You can set verbose=True to get a better sense of which cases lack annotations and why.
compare_annotations(
dfs=[annotator1, annotator2, annotations_llm],
names=["a1", "a2", "llm"],
metric='f1_micro',
verbose=True
).round(2)
Dropped 127/330 rows because of missing annotations for actant 'Subject', pair 'a1_a2' Dropped 108/330 rows because of missing annotations for actant 'Subject', pair 'a1_llm' Dropped 107/330 rows because of missing annotations for actant 'Subject', pair 'a2_llm' Dropped 99/330 rows because of missing annotations for actant 'Object', pair 'a1_a2' Dropped 51/330 rows because of missing annotations for actant 'Object', pair 'a1_llm' Dropped 88/330 rows because of missing annotations for actant 'Object', pair 'a2_llm' Dropped 315/330 rows because of missing annotations for actant 'Sender', pair 'a1_a2' Dropped 236/330 rows because of missing annotations for actant 'Sender', pair 'a1_llm' Dropped 313/330 rows because of missing annotations for actant 'Sender', pair 'a2_llm' Dropped 325/330 rows because of missing annotations for actant 'Receiver', pair 'a1_a2' Dropped 235/330 rows because of missing annotations for actant 'Receiver', pair 'a1_llm' Dropped 324/330 rows because of missing annotations for actant 'Receiver', pair 'a2_llm' Dropped 322/330 rows because of missing annotations for actant 'Helper', pair 'a1_a2' Dropped 326/330 rows because of missing annotations for actant 'Helper', pair 'a1_llm' Dropped 323/330 rows because of missing annotations for actant 'Helper', pair 'a2_llm' Dropped 294/330 rows because of missing annotations for actant 'Opponent', pair 'a1_a2' Dropped 255/330 rows because of missing annotations for actant 'Opponent', pair 'a1_llm' Dropped 305/330 rows because of missing annotations for actant 'Opponent', pair 'a2_llm'
| a1_a2 | a1_llm | a2_llm | avg | N | |
|---|---|---|---|---|---|
| Subject | 0.62 | 0.67 | 0.52 | 0.61 | 648 |
| Object | 0.63 | 0.66 | 0.53 | 0.61 | 752 |
| Sender | 0.93 | 0.61 | 0.82 | 0.79 | 126 |
| Receiver | 0.80 | 0.65 | 0.83 | 0.76 | 106 |
| Helper | 0.75 | 0.75 | 0.57 | 0.69 | 19 |
| Opponent | 0.83 | 0.61 | 0.56 | 0.67 | 136 |
| avg | 0.76 | 0.66 | 0.64 | 0.69 | <NA> |
Here we can see how many annotation pairs between each combination of two annotators contained at least one NA value.

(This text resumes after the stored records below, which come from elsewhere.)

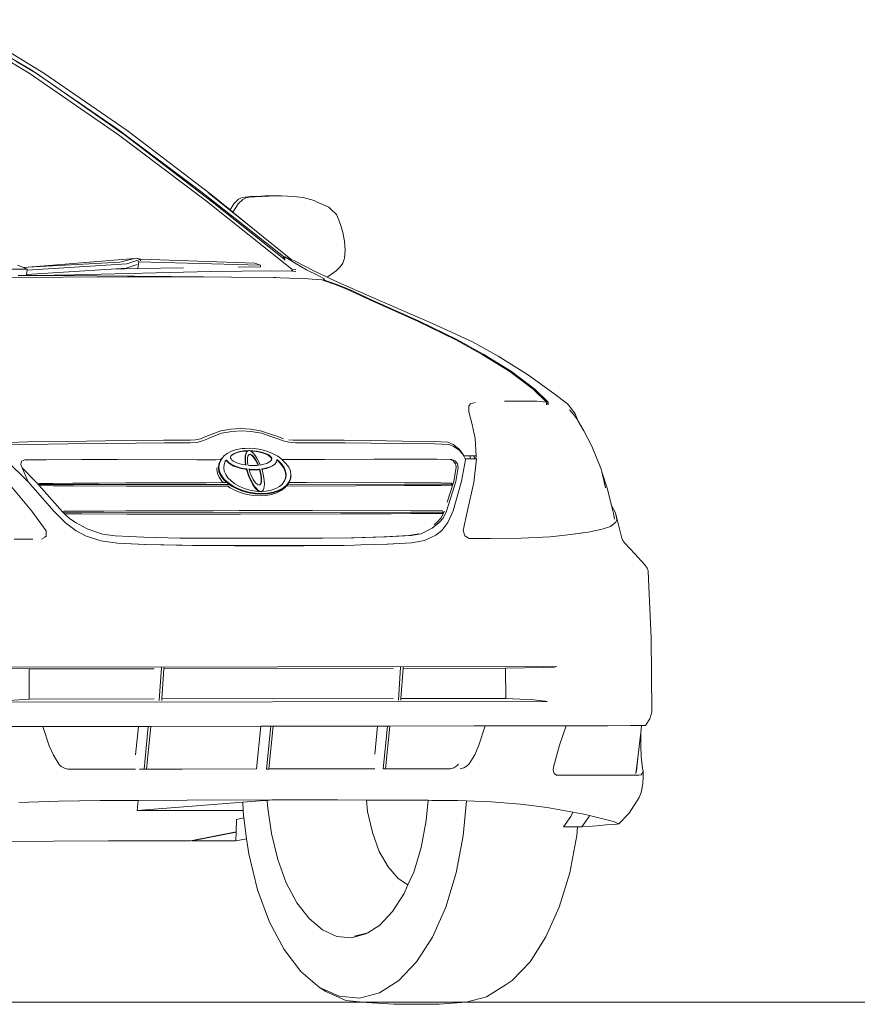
# Model space of a CAD drawing. Header units: inches. Extents: x 1987 to 3775, y 142 to 1299.
# Tile 43 of 50: x 3206 to 3254, y 1212 to 1268. Entities that reach past the tile are written whole.
import ezdxf

# ---------------------------------------------------------------- set-up
doc = ezdxf.new("R2010")
doc.units = ezdxf.units.IN
doc.header["$MEASUREMENT"] = 0
doc.layers.add('CAR', color=173, linetype='Continuous', lineweight=13)

# ---------------------------------------------------------------- blocks, each defined once
blk = doc.blocks.new('A$C40BF4DA2')
at = {"layer": 'CAR'}
for p, q in [((75.368, 55.925), (80.466, 52.88)), ((81.294, 52.889), (76.531, 55.78)), ((79.179, 53.894), (80.583, 53.069)), ((80.914, 52.84), (79.713, 53.558)), ((80.466, 52.88), (85.557, 49.367)), ((80.583, 53.069), (81.602, 52.371)), ((81.483, 52.445), (80.914, 52.84)), ((86.043, 49.609), (81.294, 52.889)), ((82.094, 52.02), (81.483, 52.445)), ((81.602, 52.371), (81.923, 52.151)), ((81.923, 52.151), (85.467, 49.722)), ((85.949, 49.337), (82.094, 52.02)), ((85.467, 49.722), (90.237, 46.145)), ((85.557, 49.367), (90.557, 45.588)), ((90.888, 45.566), (85.949, 49.337)), ((90.822, 45.983), (86.043, 49.609)), ((90.237, 46.145), (94.935, 42.449)), ((93.299, 43.956), (90.642, 46.096)), ((91.901, 45.1), (90.822, 45.983)), ((90.557, 45.588), (95.408, 41.724)), ((94.954, 42.313), (90.888, 45.566)), ((92.111, 45.442), (91.901, 45.1)), ((92.357, 45.441), (92.066, 44.965)), ((92.38, 45.703), (92.111, 45.442)), ((92.621, 45.698), (92.357, 45.441)), ((92.546, 45.787), (92.38, 45.703)), ((92.757, 45.823), (92.546, 45.787)), ((92.798, 45.786), (92.621, 45.698)), ((93.067, 45.852), (92.757, 45.823)), ((93, 45.827), (92.798, 45.786)), ((93.305, 45.848), (93, 45.827)), ((93.448, 45.869), (93.067, 45.852)), ((93.686, 45.868), (93.305, 45.848)), ((93.879, 45.898), (93.448, 45.869)), ((94.118, 45.882), (93.686, 45.868)), ((94.584, 45.891), (93.879, 45.898)), ((94.832, 45.889), (94.118, 45.882)), ((94.588, 45.891), (94.584, 45.891)), ((94.832, 45.889), (94.588, 45.891)), ((95.51, 45.866), (94.832, 45.889)), ((96.053, 45.803), (95.51, 45.866)), ((96.692, 45.625), (96.053, 45.803)), ((96.83, 45.566), (96.692, 45.625)), ((97.518, 45.247), (96.83, 45.566)), ((92.066, 44.965), (91.901, 45.1)), ((93.299, 43.956), (92.066, 44.965)), ((97.573, 45.2), (97.518, 45.247)), ((97.631, 45.145), (97.518, 45.247)), ((97.631, 45.145), (97.573, 45.2)), ((97.966, 44.842), (97.631, 45.145)), ((98.08, 44.566), (97.966, 44.842)), ((98.2, 44.217), (98.08, 44.566)), ((95.351, 42.302), (93.299, 43.956)), ((98.312, 43.814), (98.2, 44.217)), ((98.409, 43.316), (98.312, 43.814)), ((98.448, 42.811), (98.409, 43.316)), ((98.406, 42.328), (98.448, 42.811)), ((86.243, 42.311), (80.406, 41.831)), ((80.406, 41.831), (85.627, 42.131)), ((85.627, 42.131), (86.312, 42.286)), ((86.829, 42.289), (86.029, 42.027)), ((86.312, 42.286), (86.243, 42.311)), ((86.399, 42.305), (86.243, 42.311)), ((86.312, 42.286), (86.399, 42.305)), ((86.399, 42.305), (86.565, 42.343)), ((86.565, 42.343), (86.82, 42.291)), ((86.644, 42.136), (86.711, 42.141)), ((86.711, 42.141), (86.645, 41.756)), ((86.711, 42.141), (86.676, 42.154)), ((86.711, 42.141), (93.642, 41.946)), ((86.829, 42.289), (86.812, 42.191)), ((93.313, 42.065), (86.82, 42.291)), ((86.82, 42.291), (86.829, 42.289)), ((93.642, 41.946), (93.313, 42.065)), ((94.935, 42.449), (95.028, 42.416)), ((94.935, 42.449), (94.954, 42.313)), ((94.954, 42.313), (94.955, 42.308)), ((95.028, 42.254), (94.962, 42.307)), ((95.028, 42.42), (95.609, 42.058)), ((95.097, 42.392), (95.028, 42.42)), ((95.028, 42.42), (95.028, 42.416)), ((95.028, 42.416), (95.028, 42.254)), ((95.028, 42.254), (95.028, 42.231)), ((95.097, 42.392), (95.351, 42.302)), ((95.385, 42.27), (95.097, 42.392)), ((95.351, 42.302), (95.385, 42.27)), ((95.561, 42.196), (95.385, 42.27)), ((95.561, 42.196), (96.123, 41.905)), ((95.609, 42.058), (96.258, 41.694)), ((98.161, 41.854), (98.311, 42.058)), ((98.311, 42.058), (98.394, 42.285)), ((98.406, 42.328), (98.394, 42.285)), ((80.356, 41.73), (71.992, 41.656)), ((79.808, 41.955), (80.146, 41.816)), ((80.146, 41.816), (80.406, 41.831)), ((80.146, 41.816), (80.356, 41.73)), ((80.314, 41.423), (85.141, 41.724)), ((80.349, 41.673), (80.314, 41.423)), ((86.029, 42.027), (80.349, 41.673)), ((80.356, 41.73), (80.349, 41.673)), ((83.005, 41.406), (90.815, 41.586)), ((85.141, 41.724), (85.988, 41.776)), ((85.141, 41.724), (86.645, 41.756)), ((85.988, 41.776), (86.62, 41.983)), ((86.645, 41.756), (89.244, 41.796)), ((92.564, 41.612), (90.815, 41.586)), ((92.357, 41.844), (93.626, 41.864)), ((94.285, 41.621), (92.564, 41.612)), ((93.642, 41.946), (93.626, 41.864)), ((95.477, 41.604), (94.285, 41.621)), ((95.408, 41.724), (95.641, 41.71)), ((95.408, 41.627), (95.408, 41.724)), ((95.477, 41.604), (95.408, 41.659)), ((95.649, 41.591), (95.477, 41.604)), ((96.123, 41.905), (96.746, 41.584)), ((96.258, 41.694), (96.909, 41.361)), ((96.746, 41.584), (97.426, 41.267)), ((97.426, 41.267), (97.812, 41.525)), ((97.812, 41.525), (97.935, 41.632)), ((97.935, 41.632), (98.141, 41.829)), ((98.141, 41.829), (98.161, 41.854)), ((76.527, 41.248), (86.071, 41.281)), ((79.836, 41.368), (80.306, 41.366)), ((80.314, 41.423), (80.306, 41.366)), ((80.306, 41.366), (80.751, 41.365)), ((83.005, 41.406), (80.751, 41.365)), ((80.751, 41.365), (84.33, 41.352)), ((84.33, 41.352), (88.547, 41.315)), ((89.18, 41.286), (86.071, 41.281)), ((88.547, 41.315), (90.384, 41.282)), ((90.384, 41.282), (89.18, 41.286)), ((91.983, 41.276), (90.384, 41.282)), ((91.983, 41.276), (94.38, 41.244)), ((94.503, 41.241), (94.38, 41.244)), ((94.745, 41.235), (94.503, 41.241)), ((94.745, 41.235), (96.347, 41.177)), ((96.571, 41.158), (96.347, 41.177)), ((97.141, 41.11), (96.571, 41.158)), ((96.909, 41.361), (97.282, 41.172)), ((97.222, 41.082), (97.141, 41.11)), ((97.282, 41.172), (97.222, 41.11)), ((97.222, 41.11), (97.978, 40.858)), ((97.222, 41.11), (97.222, 41.082)), ((97.881, 40.858), (97.222, 41.082)), ((97.426, 41.267), (97.548, 41.21)), ((97.548, 41.21), (98.064, 40.971)), ((98.064, 40.971), (100.577, 39.859)), ((98.231, 40.714), (97.881, 40.858)), ((97.978, 40.858), (98.329, 40.714)), ((98.593, 40.558), (98.231, 40.714)), ((98.329, 40.714), (98.69, 40.559)), ((99.862, 39.978), (98.593, 40.558)), ((98.69, 40.559), (99.952, 39.978)), ((102.574, 38.765), (99.862, 39.978)), ((99.952, 39.978), (102.667, 38.765)), ((100.577, 39.859), (103.43, 38.639)), ((104.748, 37.7), (102.574, 38.765)), ((102.667, 38.765), (104.846, 37.701)), ((103.43, 38.639), (105.706, 37.584)), ((106.253, 36.863), (104.748, 37.7)), ((104.846, 37.701), (106.35, 36.864)), ((105.706, 37.584), (107.168, 36.767)), ((107.821, 35.89), (106.253, 36.863)), ((106.35, 36.864), (107.922, 35.891)), ((107.168, 36.767), (108.682, 35.819)), ((109.163, 34.89), (107.821, 35.89)), ((107.922, 35.891), (109.26, 34.871)), ((108.886, 35.685), (108.682, 35.819)), ((110.337, 34.649), (108.886, 35.685)), ((109.904, 34.155), (109.163, 34.89)), ((109.26, 34.871), (110.002, 34.155)), ((107.513, 34.212), (109.369, 34.217)), ((109.369, 34.217), (109.904, 34.155)), ((111.109, 34.055), (110.337, 34.649)), ((105.483, 33.929), (105.588, 34.052)), ((105.486, 33.818), (105.483, 33.929)), ((105.49, 33.61), (105.486, 33.818)), ((105.588, 34.052), (105.844, 34.128)), ((109.913, 34.073), (109.904, 34.155)), ((109.952, 34.068), (109.913, 34.073)), ((109.919, 34.009), (109.913, 34.073)), ((109.965, 34.052), (109.97, 34.066)), ((109.97, 34.066), (110.002, 34.155)), ((110.008, 34.062), (109.97, 34.066)), ((110.002, 34.155), (110.008, 34.062)), ((110.008, 34.062), (110.012, 33.994)), ((111.109, 34.055), (111.281, 33.857)), ((111.223, 33.718), (111.496, 33.403)), ((111.281, 33.857), (111.55, 33.488)), ((105.688, 32.881), (105.49, 33.61)), ((111.638, 33.209), (111.496, 33.403)), ((111.55, 33.488), (111.715, 33.078)), ((111.715, 33.078), (111.638, 33.209)), ((112.039, 32.525), (111.715, 33.078)), ((91.381, 32.511), (91.952, 32.621)), ((92.506, 32.654), (91.952, 32.621)), ((92.546, 32.516), (91.994, 32.485)), ((92.506, 32.654), (93.055, 32.622)), ((93.097, 32.486), (92.546, 32.516)), ((93.055, 32.622), (93.641, 32.514)), ((93.641, 32.514), (94.253, 32.31)), ((105.858, 32.086), (105.688, 32.881)), ((112.039, 32.525), (112.487, 31.644)), ((82.64, 31.915), (84.81, 31.953)), ((84.81, 31.953), (86.503, 31.966)), ((86.503, 31.966), (88.114, 31.987)), ((89.651, 31.989), (88.114, 31.987)), ((89.651, 31.989), (89.939, 32.007)), ((89.939, 32.007), (90.226, 32.066)), ((90.226, 32.066), (90.515, 32.19)), ((90.543, 32.032), (90.33, 31.945)), ((90.515, 32.19), (90.835, 32.306)), ((90.89, 32.177), (90.543, 32.032)), ((90.835, 32.306), (91.381, 32.511)), ((91.419, 32.382), (90.89, 32.177)), ((91.994, 32.485), (91.419, 32.382)), ((93.691, 32.385), (93.097, 32.486)), ((94.285, 32.181), (93.691, 32.385)), ((94.253, 32.31), (94.611, 32.194)), ((94.675, 32.037), (94.285, 32.181)), ((94.611, 32.194), (94.939, 32.072)), ((94.916, 31.951), (94.675, 32.037)), ((95.249, 31.871), (94.916, 31.951)), ((95.245, 32.013), (95.501, 31.996)), ((95.501, 31.996), (96.932, 31.998)), ((96.932, 31.998), (98.4, 31.98)), ((98.4, 31.98), (99.879, 31.971)), ((99.879, 31.971), (101.716, 31.938)), ((105.912, 31.1), (105.858, 32.086)), ((79.354, 31.851), (80.384, 31.886)), ((80.432, 31.747), (79.4, 31.716)), ((80.384, 31.886), (82.64, 31.915)), ((82.689, 31.772), (80.432, 31.747)), ((84.861, 31.804), (82.689, 31.772)), ((86.555, 31.816), (84.861, 31.804)), ((88.167, 31.834), (86.555, 31.816)), ((89.631, 31.836), (88.167, 31.834)), ((90.02, 31.865), (89.631, 31.836)), ((90.33, 31.945), (90.02, 31.865)), ((92.271, 31.451), (91.98, 31.357)), ((92.593, 31.509), (92.271, 31.451)), ((92.765, 31.519), (92.593, 31.509)), ((92.943, 31.394), (92.672, 31.377)), ((92.765, 31.519), (92.937, 31.529)), ((92.943, 31.394), (92.907, 31.377)), ((92.937, 31.529), (93.293, 31.51)), ((92.943, 31.394), (92.976, 31.396)), ((93.009, 31.395), (92.976, 31.396)), ((93.009, 31.395), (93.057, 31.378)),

For the Helper, nearly every pair contains an NA, making this score unreliable. We therefore focus on Sender and Receiver in what follows.
compare_annotations(
dfs=[annotator1, annotator2, annotations_llm],
names=["a1", "a2", "llm"],
metric='f1_micro',
actant_columns=["Sender", "Receiver"],
verbose=True
).round(2)
Dropped 315/330 rows because of missing annotations for actant 'Sender', pair 'a1_a2' Dropped 236/330 rows because of missing annotations for actant 'Sender', pair 'a1_llm' Dropped 313/330 rows because of missing annotations for actant 'Sender', pair 'a2_llm' Dropped 325/330 rows because of missing annotations for actant 'Receiver', pair 'a1_a2' Dropped 235/330 rows because of missing annotations for actant 'Receiver', pair 'a1_llm' Dropped 324/330 rows because of missing annotations for actant 'Receiver', pair 'a2_llm'
| a1_a2 | a1_llm | a2_llm | avg | N | |
|---|---|---|---|---|---|
| Sender | 0.93 | 0.61 | 0.82 | 0.79 | 126 |
| Receiver | 0.80 | 0.65 | 0.83 | 0.76 | 106 |
| avg | 0.87 | 0.63 | 0.83 | 0.77 | <NA> |
We can see that the a1_llm pair has around 100 fewer NA pairs than the two pairings involving a2. This suggests that a2 annotated roughly 100 fewer cases for the Sender and Receiver, making the average score for these actants less reliable. We therefore focus on the a1_llm scores for these actants.